Task objective
Can you retype only the lines from the one with "## DO-41GV [mm]" through the final line of the material, exactly as given?

Data
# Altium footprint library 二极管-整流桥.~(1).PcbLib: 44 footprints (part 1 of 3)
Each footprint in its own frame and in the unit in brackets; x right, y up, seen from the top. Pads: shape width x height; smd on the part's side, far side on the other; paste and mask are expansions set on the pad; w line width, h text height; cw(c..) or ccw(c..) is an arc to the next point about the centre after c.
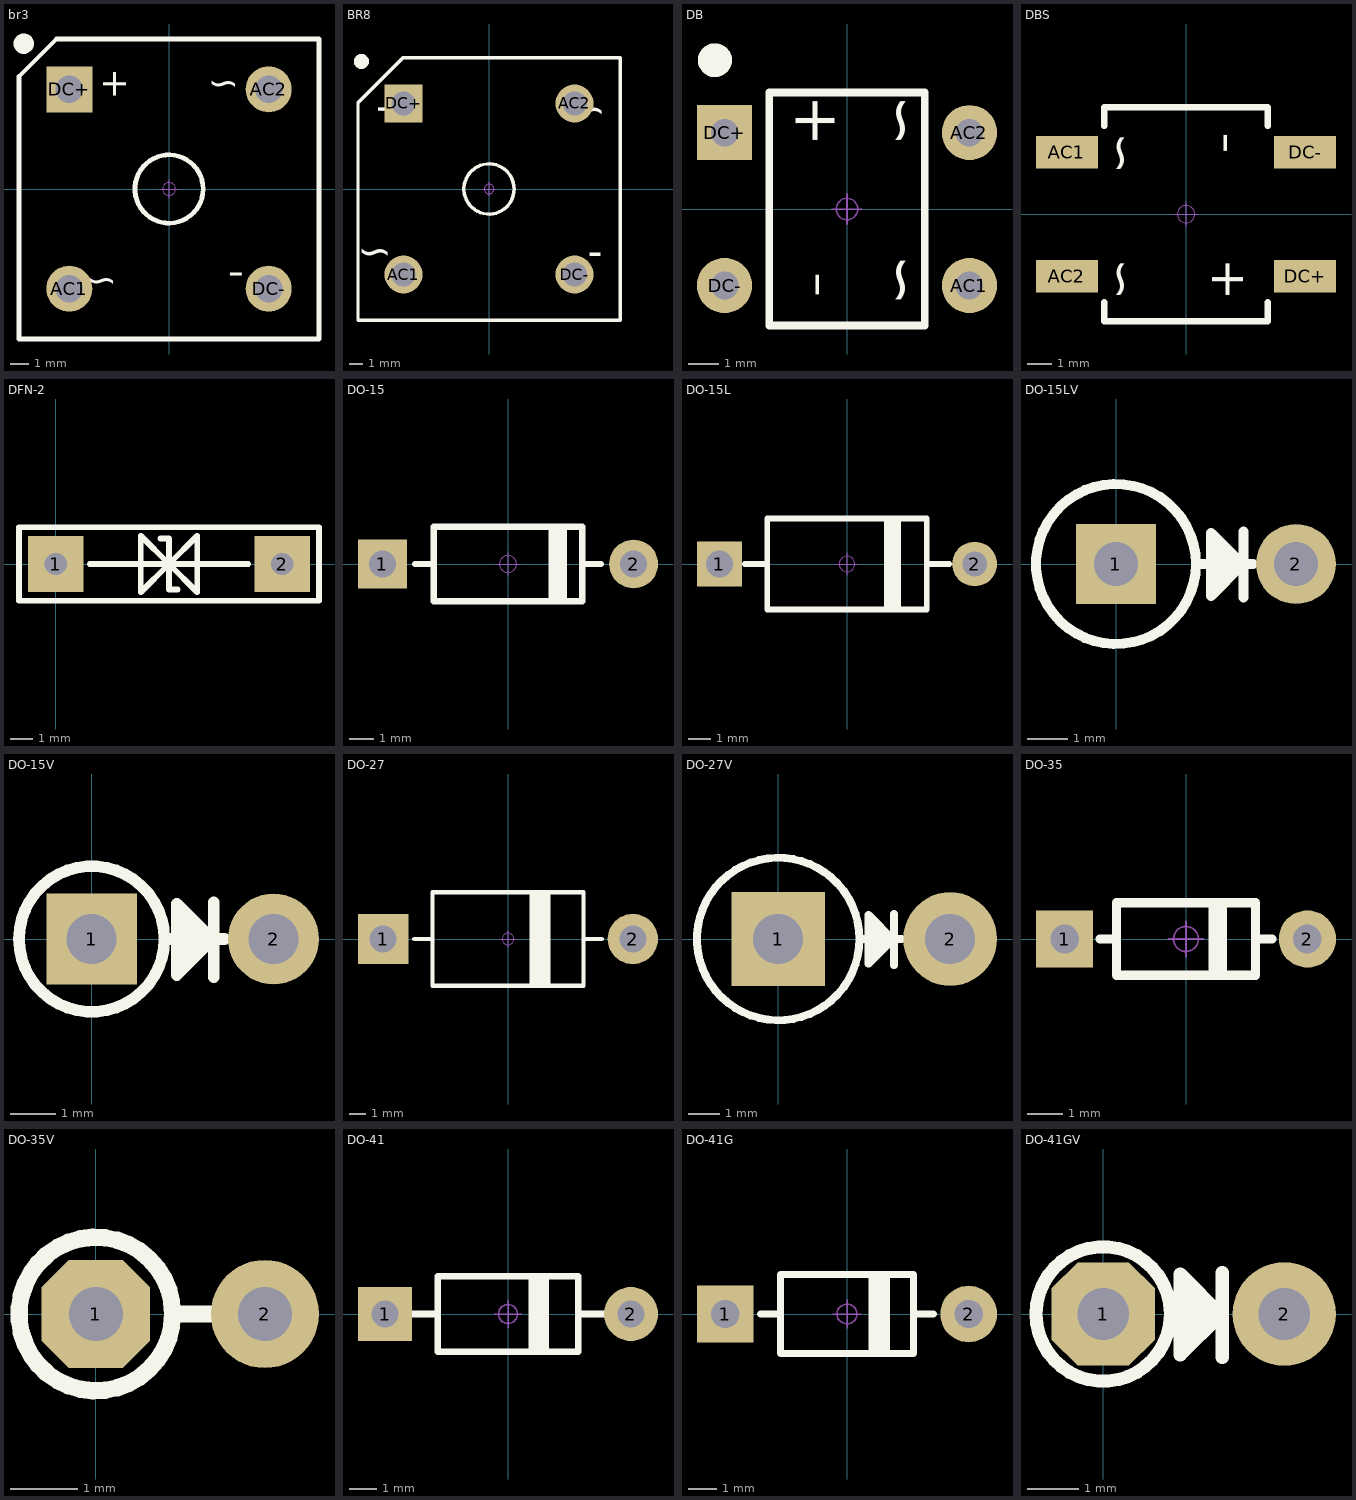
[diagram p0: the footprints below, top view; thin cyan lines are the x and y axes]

## br3 [mm] "18*7.1mm(宽高)"
pads (4):
  round 2.5 hole 1.5: AC1(-5.4,-5.4) AC2(5.4,5.4) DC-(5.4,-5.4)
  rect 2.5x2.5 hole 1.5: DC+(-5.4,5.4)
Top Overlay:
  circle w0.6: c-7.874,7.874 r0.254
  circle w0.254: c0,0 r1.85
  lines w0.254: -8.128,-8.128 8.128,-8.128 8.128,8.128 -6.096,8.128 -8.128,6.096 -8.128,-8.128
  text "~" at -2.794,-6.096 h2.54
  text "~" at 3.81,4.572 h2.54
  text "-" at 4.064,-5.842 h3.05
  text "+" at -4.064,4.826 h2.54
Mechanical 15:
  circle w0.05: c0,0 r0.35
  lines w0.05: -0.5,0 0.5,0 ; 0,-0.5 0,0.5
3D body: height 6, standoff -3.5, extent -8,-8 8,8

## BR8 [mm] "16*8mm(宽高)"
pads (4):
  round 2.8 hole 1.8: AC1(-6.3,-6.3) AC2(6.3,6.3) DC-(6.3,-6.3)
  rect 2.8x2.8 hole 1.8: DC+(-6.3,6.3)
Top Overlay:
  circle w0.254: c0,0 r1.85
  circle w0.6: c-9.398,9.398 r0.254
  lines w0.254: -9.652,-9.652 -9.652,6.35 -6.35,9.652 9.652,9.652 9.652,-9.652 -9.652,-9.652
  text "+" at -8.89,4.572 h3.81
  text "-" at 8.382,-6.35 h3.81
  text "~" at 8.636,4.064 h3.81
  text "~" at -7.112,-6.35 h3.81
Mechanical 15:
  circle w0.05: c0,0 r0.35
  lines w0.05: -0.5,0 0.5,0 ; 0,-0.5 0,0.5
3D body: height 7.1, standoff -3.5, extent -9.45,-9.45 9.45,9.45

## DB [mm] "8.5*7.6*3mm(长宽高)"
pads (4):
  round 1.8 hole 0.9: AC1(4.004,-2.5) AC2(4.004,2.5) DC-(-4.004,-2.5)
  rect 1.8x1.8 hole 0.9: DC+(-4.004,2.5)
Top Overlay:
  circle w0.6: c-4.318,4.866 r0.254
  lines w0.254: -2.54,-3.81 -2.54,3.81 2.54,3.81 2.54,-3.81 -2.54,-3.81
  text "+" at -2.159,2.032 h2.54
  text "-" at -2.159,-2.921 h3.05
  text "~" at 0.635,2.032 h2.54
  text "~" at 0.635,-3.175 h2.54
Mechanical 15:
  circle w0.05: c0,0 r0.35
  lines w0.05: -0.5,0 0.5,0 ; 0,-0.5 0,0.5
3D body: height 3.2, standoff -3.01, extent -4.436,-4.25 4.436,4.25

## DBS [mm] "8.5*10.1*3mm(长宽高)"
height 12.3
pads (4):
  rect 2.5x1.3 smd: AC1(-4.8,2.5) AC2(-4.8,-2.5) DC+(4.8,-2.5) DC-(4.8,2.5)
Top Overlay:
  lines w0.254: -3.302,-3.556 -3.302,-4.318 3.302,-4.318 3.302,-3.556 ; -3.302,3.556 -3.302,4.318 3.302,4.318 3.302,3.556
  text "~" at -1.524,3.302 h2.54
  text "~" at -1.524,-1.778 h2.54
  text "-" at 2.794,3.302 h3.05
  text "+" at 2.794,-1.778 h2.54
Mechanical 15:
  circle w0.05: c0,0 r0.35
  lines w0.05: -0.5,0 0.5,0 ; 0,-0.5 0,0.5
3D body: height 3.1, standoff -0.03, extent -5.05,-4.25 5.05,4.25

## DFN-2 [mm] "1.0*0.6(长*宽）"
pads (2):
  rect 2.5x2.5 hole 1: 1(0,0) 2(10.16,0)
Top Overlay:
  lines w0.254: 1.524,0 8.636,0 ; 4.699,1.143 5.08,1.143 5.08,-1.143 5.461,-1.143 ; 5.08,0 3.81,-1.27 3.81,1.27 5.08,0 ; 5.08,0 6.35,-1.27 6.35,1.27 5.08,0 ; -1.651,-1.651 -1.651,1.651 11.811,1.651 11.811,-1.651 -1.651,-1.651

## DO-15 [mm] "3.3*10.3mm(直径，脚距）"
pads (2):
  rect 2x2 hole 1.1: 1(-5.15,0)
  round 2 hole 1.1: 2(5.15,0)
Top Overlay:
  lines w0.254: -3.81,0 -3.048,0 ; 1.778,-1.524 1.778,1.524 ; 2.032,-1.524 2.032,1.524 ; 2.286,-1.524 2.286,1.524 ; 3.048,0 3.81,0 ; -3.048,-1.524 3.048,-1.524 3.048,1.524 -3.048,1.524 -3.048,-1.524
Mechanical 15:
  circle w0.05: c0,0 r0.35
  lines w0.05: -0.5,0 0.5,0 ; 0,-0.5 0,0.5
3D body: height 3.35, standoff -3.45, extent -5.55,-1.651 5.55,1.651

## DO-15L [mm] "4*11.4mm(直径，脚距）"
pads (2):
  rect 2x2 hole 1.2: 1(-5.7,0)
  round 2 hole 1.1: 2(5.7,0)
Top Overlay:
  lines w0.254: -4.572,0 -3.556,0 ; 1.778,-2.032 1.778,2.032 ; 2.032,-2.032 2.032,2.032 ; 2.286,-2.032 2.286,2.032 ; 3.556,0 4.572,0 ; -3.556,-2.032 3.556,-2.032 3.556,2.032 -3.556,2.032 -3.556,-2.032
Mechanical 15:
  circle w0.05: c0,0 r0.35
  lines w0.05: -0.5,0 0.5,0 ; 0,-0.5 0,0.5
3D body: height 4.05, standoff -3.45, extent -6.1,-2.001 6.1,2.001

## DO-15LV [mm] "4*4.5mm(直径，脚距）"
pads (2):
  rect 2x2 hole 1.1: 1(0,0)
  round 2 hole 1.1: 2(4.5,0)
Top Overlay:
  circle w0.254: c0,0 r2
  lines w0.254: 2.108,0 3.429,0 ; 2.54,0.559 2.565,-0.432 3.048,0 2.794,0.254 2.794,0 2.794,-0.254 ; 3.15,-0.02 2.377,-0.792 2.377,0.775 3.19,-0.038 ; 3.19,-0.841 3.19,0.805
3D body: height 9.45, standoff -3.45, extent -2.001,-2.001 4.9,2.001

## DO-15V [mm] "3.3*4mm(直径，脚距）"
pads (2):
  rect 2x2 hole 1.1: 1(0,0)
  round 2 hole 1.1: 2(4,0)
Top Overlay:
  circle w0.254: c0,0 r1.6
  lines w0.254: 1.6,0 2.921,0 ; 2.032,0.559 2.057,-0.432 2.54,0 2.286,0.254 2.286,0 2.286,-0.254 ; 2.642,-0.02 1.869,-0.792 1.869,0.775 2.682,-0.038 ; 2.682,-0.841 2.682,0.805
3D body: height 8.35, standoff -3.45, extent -1.651,-1.651 4.4,1.651

## DO-27 [mm] "5.2*14.9mm(直径，脚距）"
pads (2):
  rect 3x3 hole 1.6: 1(-7.45,0)
  round 3 hole 1.6: 2(7.45,0)
Top Overlay:
  rectangle: 1.27,-2.794 2.54,2.794
  lines w0.254: -5.588,0 -4.572,0 ; 4.572,0 5.588,0 ; -4.5,-2.794 -4.5,2.794 4.5,2.794 4.5,-2.794 -4.5,-2.794
Mechanical 15:
  circle w0.05: c0,0 r0.35
  lines w0.05: -0.5,0 0.5,0 ; 0,-0.5 0,0.5
3D body: height 5.25, standoff -3.46, extent -8.1,-2.601 8.1,2.601

## DO-27V [mm] "5.2*5.5mm(直径，脚距）"
pads (2):
  rect 3x3 hole 1.6: 1(0,0)
  round 3 hole 1.6: 2(5.5,0)
Top Overlay:
  circle w0.254: c0,0 r2.6
  lines w0.254: 2.616,0 3.698,0 ; 3.048,0.559 3.073,-0.432 3.556,0 ; 3.302,-0.254 3.302,0 3.302,0.254 3.556,0 ; 3.658,-0.02 2.885,-0.792 2.885,0.775 3.698,-0.038 ; 3.698,-0.841 3.698,0.805 ; 3.937,0 3.556,0
3D body: height 11.7, standoff -3.46, extent -2.601,-2.601 6.15,2.601

## DO-35 [mm] "1.8*6.8mm(直径，脚距）"
pads (2):
  rect 1.6x1.6 hole 0.8: 1(-3.4,0)
  round 1.6 hole 0.8: 2(3.4,0)
Top Overlay:
  rectangle: 0.635,-1.016 1.143,1.016
  lines w0.254: -2.413,0 -1.95,0 ; 1.95,0 2.413,0 ; -1.95,-1.016 -1.95,1.016 1.95,1.016 1.95,-1.016 -1.95,-1.016
Mechanical 15:
  circle w0.05: c0,0 r0.35
  lines w0.05: -0.5,0 0.5,0 ; 0,-0.5 0,0.5
3D body: height 1.85, standoff -3.45, extent -3.65,-0.901 3.65,0.901

## DO-35V [mm] "1.8*2.5mm(直径，脚距）"
pads (2):
  oct 1.6x1.6 hole 0.8: 1(0,0)
  round 1.6 hole 0.8: 2(2.5,0)
Top Overlay:
  circle w0.254: c0,0 r1.136
  lines w0.254: 1.136,0 1.778,0
3D body: height 5.15, standoff -3.5, extent -0.901,-0.901 2.75,0.901

## DO-41 [mm] "2.6*9.1mm(直径，脚距）"
height 2.4
pads (2):
  rect 2x2 hole 1: 1(-4.55,0)
  round 2 hole 1: 2(4.55,0)
Top Overlay:
  rectangle: 0.762,-1.397 1.524,1.397
  lines w0.254: -3.556,0 -2.6,0 ; 2.6,0 3.556,0 ; -2.6,-1.397 -2.6,1.397 2.6,1.397 2.6,-1.397 -2.6,-1.397
Mechanical 15:
  circle w0.05: c0,0 r0.35
  lines w0.05: -0.5,0 0.5,0 ; 0,-0.5 0,0.5
3D body: height 2.65, standoff -3.45, extent -4.925,-1.288 4.975,1.314

## DO-41G [mm] "2.5*8.6mm(直径，脚距）"
height 2.4
pads (2):
  rect 2x2 hole 1: 1(-4.3,0)
  round 2 hole 1: 2(4.3,0)
Top Overlay:
  rectangle: 0.762,-1.397 1.524,1.397
  lines w0.254: -3.048,0 -2.346,0 ; 2.346,0 3.048,0 ; -2.35,-1.397 -2.35,1.397 2.35,1.397 2.35,-1.397 -2.35,-1.397
Mechanical 15:
  circle w0.05: c0,0 r0.35
  lines w0.05: -0.5,0 0.5,0 ; 0,-0.5 0,0.5
3D body: height 2.55, standoff -3.45, extent -4.7,-1.251 4.7,1.251

## DO-41GV [mm] "2.5*3.5mm(直径，脚距）"
height 2.4
pads (2):
  oct 2x2 hole 1: 1(0,0)
  round 2 hole 1: 2(3.5,0)
Top Overlay:
  circle w0.254: c0,0 r1.3
  lines w0.254: 1.651,0.559 1.676,-0.432 2.159,0 1.905,0.254 1.905,0 1.905,-0.254 ; 2.261,-0.02 1.488,-0.792 1.488,0.775 2.301,-0.038 ; 2.301,-0.841 2.301,0.805
3D body: height 6.4, standoff -3.5, extent -1.251,-1.251 3.9,1.251

Expected answer
## DO-41GV [mm] "2.5*3.5mm(直径，脚距）"
height 2.4
pads (2):
  oct 2x2 hole 1: 1(0,0)
  round 2 hole 1: 2(3.5,0)
Top Overlay:
  circle w0.254: c0,0 r1.3
  lines w0.254: 1.651,0.559 1.676,-0.432 2.159,0 1.905,0.254 1.905,0 1.905,-0.254 ; 2.261,-0.02 1.488,-0.792 1.488,0.775 2.301,-0.038 ; 2.301,-0.841 2.301,0.805
3D body: height 6.4, standoff -3.5, extent -1.251,-1.251 3.9,1.251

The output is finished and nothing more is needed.